▸ What you are asked to do
Transcribe exactly the portion of the listing below that runs from the line containing "6400.24,3509.96 r90 top" through its last line.

↓

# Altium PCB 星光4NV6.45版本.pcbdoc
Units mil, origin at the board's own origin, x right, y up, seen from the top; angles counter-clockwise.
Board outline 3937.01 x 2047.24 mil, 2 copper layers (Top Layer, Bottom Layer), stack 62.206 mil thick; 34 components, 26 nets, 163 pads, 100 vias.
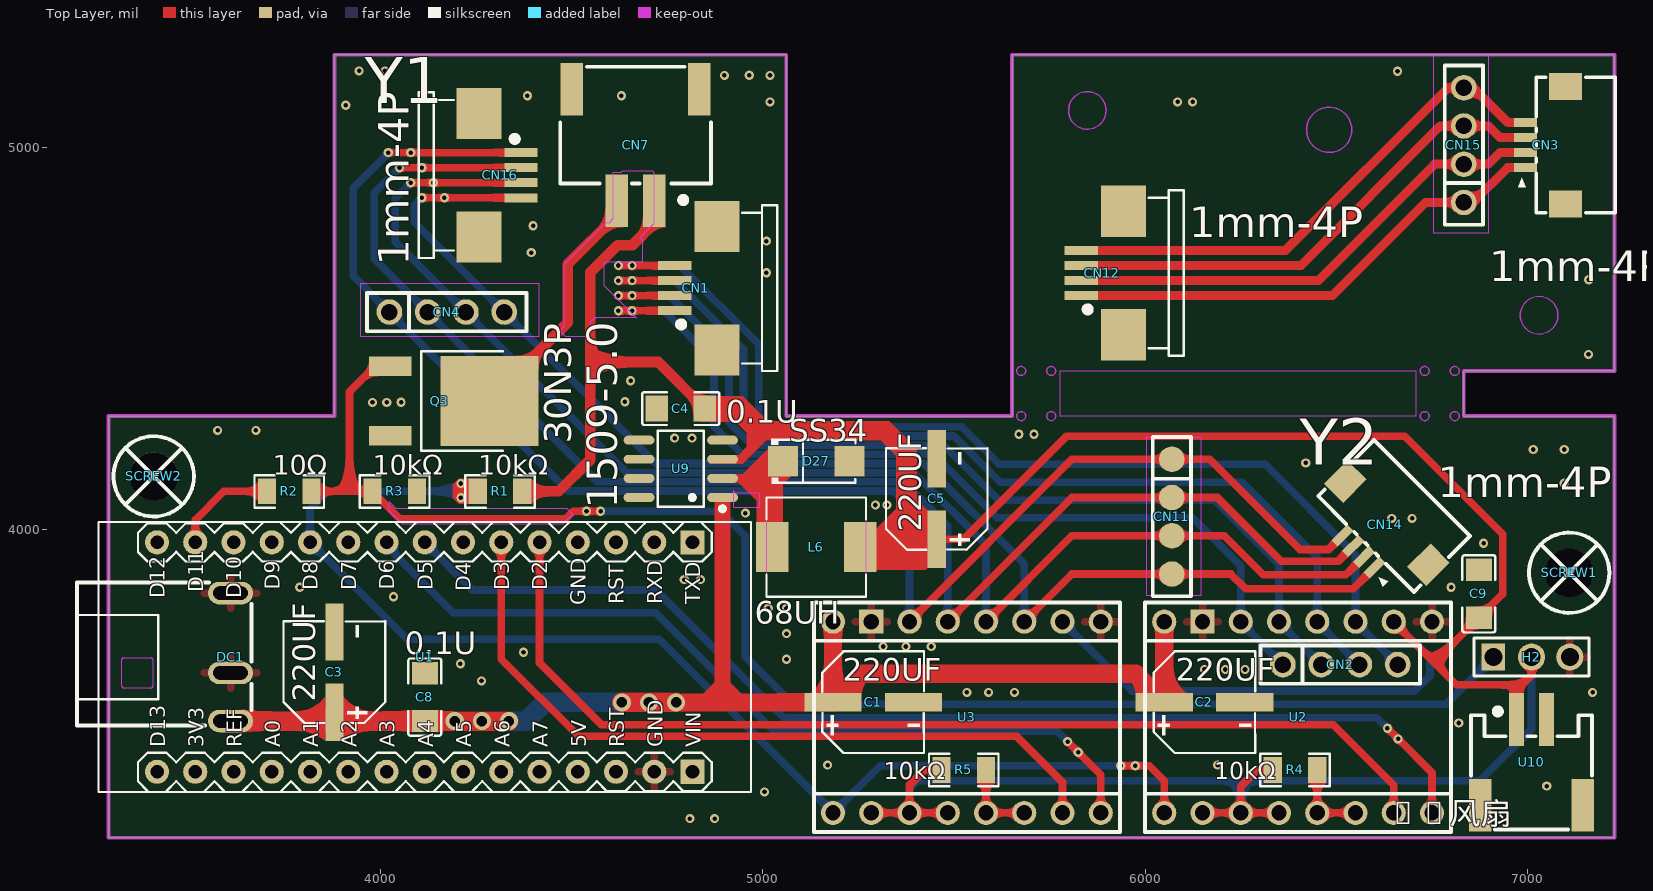
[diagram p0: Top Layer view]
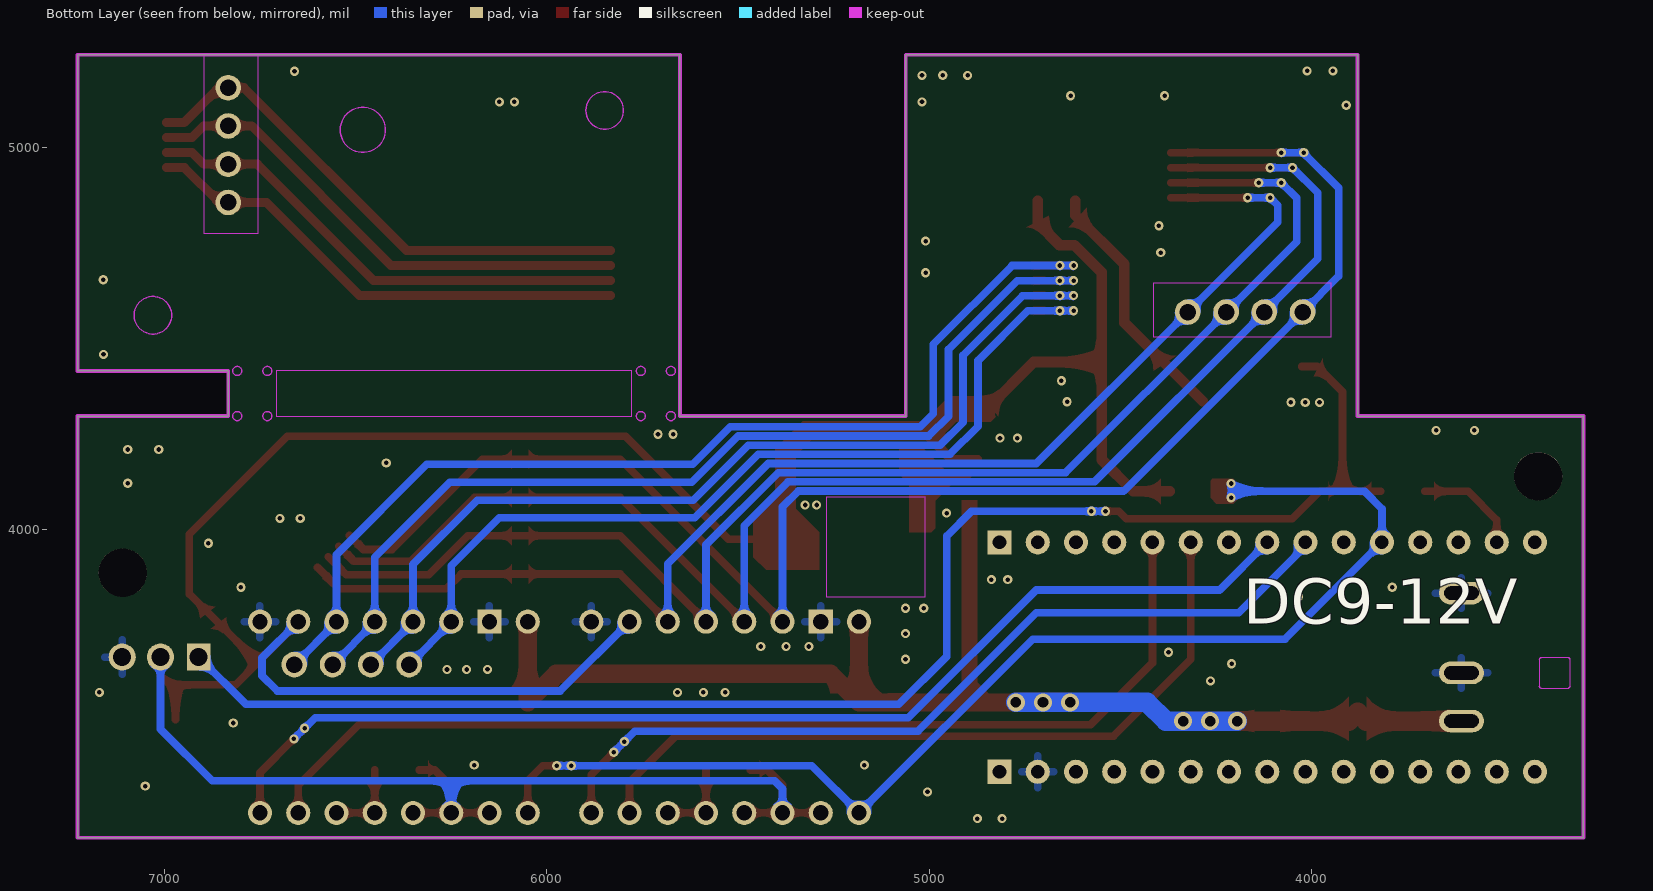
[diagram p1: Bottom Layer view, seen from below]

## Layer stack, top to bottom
Top Solder Mask Layer: solder mask 0.394, Dk 3.3
Top Layer: signal copper 1.379
Dielectric1: surface 59.449, FR4, Dk 4.5
Bottom Layer: signal copper 1.378
Bottom Solder Mask Layer: solder mask 0.394, Dk 3.3

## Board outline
3290,3195 3290,3293.43 3290,4297.36 3880.55,4297.36 3880.55,5242.24 5061.65,5242.24 5061.65,4297.36 5652.2,4297.36 5652.2,5242.24 7227.01,5242.24 7227.01,4415.47 6833.31,4415.47 6833.31,4297.36 7227.01,4297.36 7227.01,3293.43 7227.01,3195

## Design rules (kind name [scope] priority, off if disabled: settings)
BoardOutlineClearance copperThickness1oz [All] p0: genericclearance=10 ignorepadtopadclearanceinfootprint=FALSE except(0: Arc-SplitContinuation Track-SplitContinuation SMDPad-SplitContinuation THPad-SplitContinuation Via-SplitContinuation Fill-SplitContinuation Poly-SplitContinuation Region-SplitContinuation Text-SplitContinuation)
BoardOutlineClearance copperThickness2oz [All] p0: genericclearance=10 ignorepadtopadclearanceinfootprint=FALSE except(0: Arc-SplitContinuation Track-SplitContinuation SMDPad-SplitContinuation THPad-SplitContinuation Via-SplitContinuation Fill-SplitContinuation Poly-SplitContinuation Region-SplitContinuation Text-SplitContinuation)
BoardOutlineClearance Plane_innerPlane [All] p0: genericclearance=10 ignorepadtopadclearanceinfootprint=FALSE except(0: Arc-SplitContinuation Track-SplitContinuation SMDPad-SplitContinuation THPad-SplitContinuation Via-SplitContinuation Fill-SplitContinuation Poly-SplitContinuation Region-SplitContinuation Text-SplitContinuation)
BoardOutlineClearance Copper_copperRegion [All] p0: genericclearance=10 ignorepadtopadclearanceinfootprint=FALSE except(0: Arc-SplitContinuation Track-SplitContinuation SMDPad-SplitContinuation THPad-SplitContinuation Via-SplitContinuation Fill-SplitContinuation Poly-SplitContinuation Region-SplitContinuation Text-SplitContinuation)
BoardOutlineClearance Copper_copperRegion1 [All] p0: genericclearance=10 ignorepadtopadclearanceinfootprint=FALSE except(0: Arc-SplitContinuation Track-SplitContinuation SMDPad-SplitContinuation THPad-SplitContinuation Via-SplitContinuation Fill-SplitContinuation Poly-SplitContinuation Region-SplitContinuation Text-SplitContinuation)
BoardOutlineClearance otherClearance [All] p0: genericclearance=10 ignorepadtopadclearanceinfootprint=FALSE except(0: Arc-SplitContinuation Track-SplitContinuation SMDPad-SplitContinuation THPad-SplitContinuation Via-SplitContinuation Fill-SplitContinuation Poly-SplitContinuation Region-SplitContinuation Text-SplitContinuation)
Clearance copperThickness1oz [All] p1: gap=7 ignorepadtopadclearanceinfootprint=FALSE
Clearance copperThickness2oz [All] p1: gap=7 ignorepadtopadclearanceinfootprint=FALSE
Clearance Plane_innerPlane [All] p1: gap=7 ignorepadtopadclearanceinfootprint=FALSE
Clearance Copper_copperRegion [All] p1: gap=7 ignorepadtopadclearanceinfootprint=FALSE
Clearance Copper_copperRegion1 [All] p1: gap=7 ignorepadtopadclearanceinfootprint=FALSE
Clearance otherClearance [All] p1: gap=7 ignorepadtopadclearanceinfootprint=FALSE
DiffPairsRouting differentialPair [All] p1: maxuncoupledlength=10 minlimit=5.9843 maxlimit=Infinity mostfreqgap=5.9843 toplayer_minwidth=5 toplayer_prefwidth=10 toplayer_maxwidth=100 bottomlayer_minwidth=5 bottomlayer_prefwidth=10 bottomlayer_maxwidth=100
PasteMaskExpansion pasteMaskExpansion [All] p1: expansion=0
PlaneConnect innerPlane [All] p1: planeconnectstyle=Relief reliefexpansion=20 reliefentries=4 reliefconductorwidth=10 reliefairgap=10
PolygonConnect copperRegion [All] p1: connectstyle=Relief reliefentries=4 reliefconductorwidth=10 polygonreliefangle="90 Angle" airgapwidth=10
PolygonConnect copperRegion1 [All] p1: connectstyle=Relief reliefentries=4 reliefconductorwidth=19.685 polygonreliefangle="90 Angle" airgapwidth=10
RoutingVias viaSize [All] p1: viastyle="Through Hole" holewidth=12.0078 minholewidth=11.811 maxholewidth=248.0314 width=12.0078 minwidth=11.811 maxwidth=248.0314
SolderMaskExpansion solderMaskExpansion [All] p1: useseparateexpansions=TRUE expansion=2.0079 expansionbottom=2.0079
Width copperThickness1oz [All] p1: maxlimit=100 minlimit=5 preferedwidth=20
Width copperThickness2oz [All] p1: maxlimit=100 minlimit=5 preferedwidth=10

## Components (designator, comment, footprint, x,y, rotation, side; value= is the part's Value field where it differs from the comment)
C1 "" CAP-SMD_BD6.3-L6.6-W6.6-FD-1 5289.21,3549.33 r0 top
C2 "" CAP-SMD_BD6.3-L6.6-W6.6-FD-1 6155.36,3549.33 r0 top
C3 "220uF" CAP-SMD_BD6.3-L6.6-W6.6-FD-1 3880.55,3628.07 r90 top
C4 "100nF" C1206 4786.06,4317.05 r0 top
C5 "" CAP-SMD_BD6.3-L6.6-W6.6-FD-1 5455.35,4080.83 r90 top
C8 "" C1206 4116.77,3562.82 r270 top
C9 "" C1206 6872.68,3832.8 r270 top
CN1 "" FPC-SMD_4P-P1.00_AFA07-S04ECC-00 4825.43,4632.01 r90 top
CN2 "" HDR-TH_4P-P2.54-V-F#1 6510.47,3647.76 r0 top
CN3 "" FPC-SMD_4P-P1.00_10A20L04P 7049.84,5006.02 r90 top
CN4 "" HDR-TH_4P-P2.54-V-F#1 4174.37,4569.45 r0 top
CN7 "" CONN-SMD_2P-P2.54_MEGASTAR_ZX-XH2.54-2PWT 4667.95,5006.02 r180 top
CN11 "" HDR-TH_4P-P2.54-V-F#2 6070,4034.45 r270 top
CN12 "" FPC-SMD_4P-P1.00_AFA07-S04ECC-00 5888.43,4671.38 r90 top
CN14 "" FPC-SMD_4P-P1.00_10A20L04P 6597.09,3982.4 r135 top
CN15 "" HDR-TH_4P-P2.54-V-F#1 6833.31,5006.02 r90 top
CN16 "" FPC-SMD_4P-P1.00_AFA07-S04ECC-00 4313.62,4927.28 r270 top
D27 "" SMA_L4.3-W2.6-LS5.2-RD 5140.39,4179.25 r0 top
DC1 "" DC-IN-TH_DC044 3608.9,3667.44 r0 top
H2 "" HDR-TH_3P-P2.54-V-M-1 7010.47,3667.44 r0 top
L6 "" IND-SMD_L7.1-W6.6_H5.0 5140.39,3954.84 r180 top
Q3 "" TO-252-2_L6.6-W6.1-P4.60-LS10.0-BR-CW 4156.14,4336.73 r180 top
R1 "10kΩ" R1206 4313.62,4100.51 r0 top
R2 "10Ω" R1206 3762.44,4100.51 r180 top
R3 "10kΩ" R1206 4038.03,4100.51 r180 top
R4 "10kΩ" R1206 6392.02,3372.17 r180 top
R5 "10kΩ" R1206 5525.87,3372.17 r180 top
SCREW1 "" M3螺丝 7108.9,3887.91 r0 top
SCREW2 "" M3螺丝 3408.11,4139.88 r0 top
U1 "" COMM-TH_ARDUINO_NANO 4116.77,3667.44 r0 top
U2 "" DIP-16_L20.3-W15.2-P2.54_LS12.7_A4988 6400.24,3509.96 r90 top
U3 "" DIP-16_L20.3-W15.2-P2.54_LS12.7_A4988 5534.09,3509.96 r90 top
U9 "" SOIC-8_L4.9-W3.9-P1.27-LS6.0-BL 4786.06,4159.57 r90 top
U10 "" CONN-SMD_ZX-PH2.0-WT2P 7010.47,3391.85 r0 top

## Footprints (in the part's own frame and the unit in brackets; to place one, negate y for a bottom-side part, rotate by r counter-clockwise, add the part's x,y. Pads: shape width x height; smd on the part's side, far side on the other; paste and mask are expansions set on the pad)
C1206 [mm]
  rect 1.485x1.728 smd: 1(-1.593,0) 2(1.593,0)
  silkscreen extent -2.56,-1.09 2.56,1.09
CAP-SMD_BD6.3-L6.6-W6.6-FD-1 [mm]
  rect 3.8x1.2 smd: 1(-2.67,0) 2(2.67,0)
  silkscreen extent -3.38,-3.38 3.38,3.38
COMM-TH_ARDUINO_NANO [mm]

↑

▸ Answer
U2 "" DIP-16_L20.3-W15.2-P2.54_LS12.7_A4988 6400.24,3509.96 r90 top
U3 "" DIP-16_L20.3-W15.2-P2.54_LS12.7_A4988 5534.09,3509.96 r90 top
U9 "" SOIC-8_L4.9-W3.9-P1.27-LS6.0-BL 4786.06,4159.57 r90 top
U10 "" CONN-SMD_ZX-PH2.0-WT2P 7010.47,3391.85 r0 top

## Footprints (in the part's own frame and the unit in brackets; to place one, negate y for a bottom-side part, rotate by r counter-clockwise, add the part's x,y. Pads: shape width x height; smd on the part's side, far side on the other; paste and mask are expansions set on the pad)
C1206 [mm]
  rect 1.485x1.728 smd: 1(-1.593,0) 2(1.593,0)
  silkscreen extent -2.56,-1.09 2.56,1.09
CAP-SMD_BD6.3-L6.6-W6.6-FD-1 [mm]
  rect 3.8x1.2 smd: 1(-2.67,0) 2(2.67,0)
  silkscreen extent -3.38,-3.38 3.38,3.38
COMM-TH_ARDUINO_NANO [mm]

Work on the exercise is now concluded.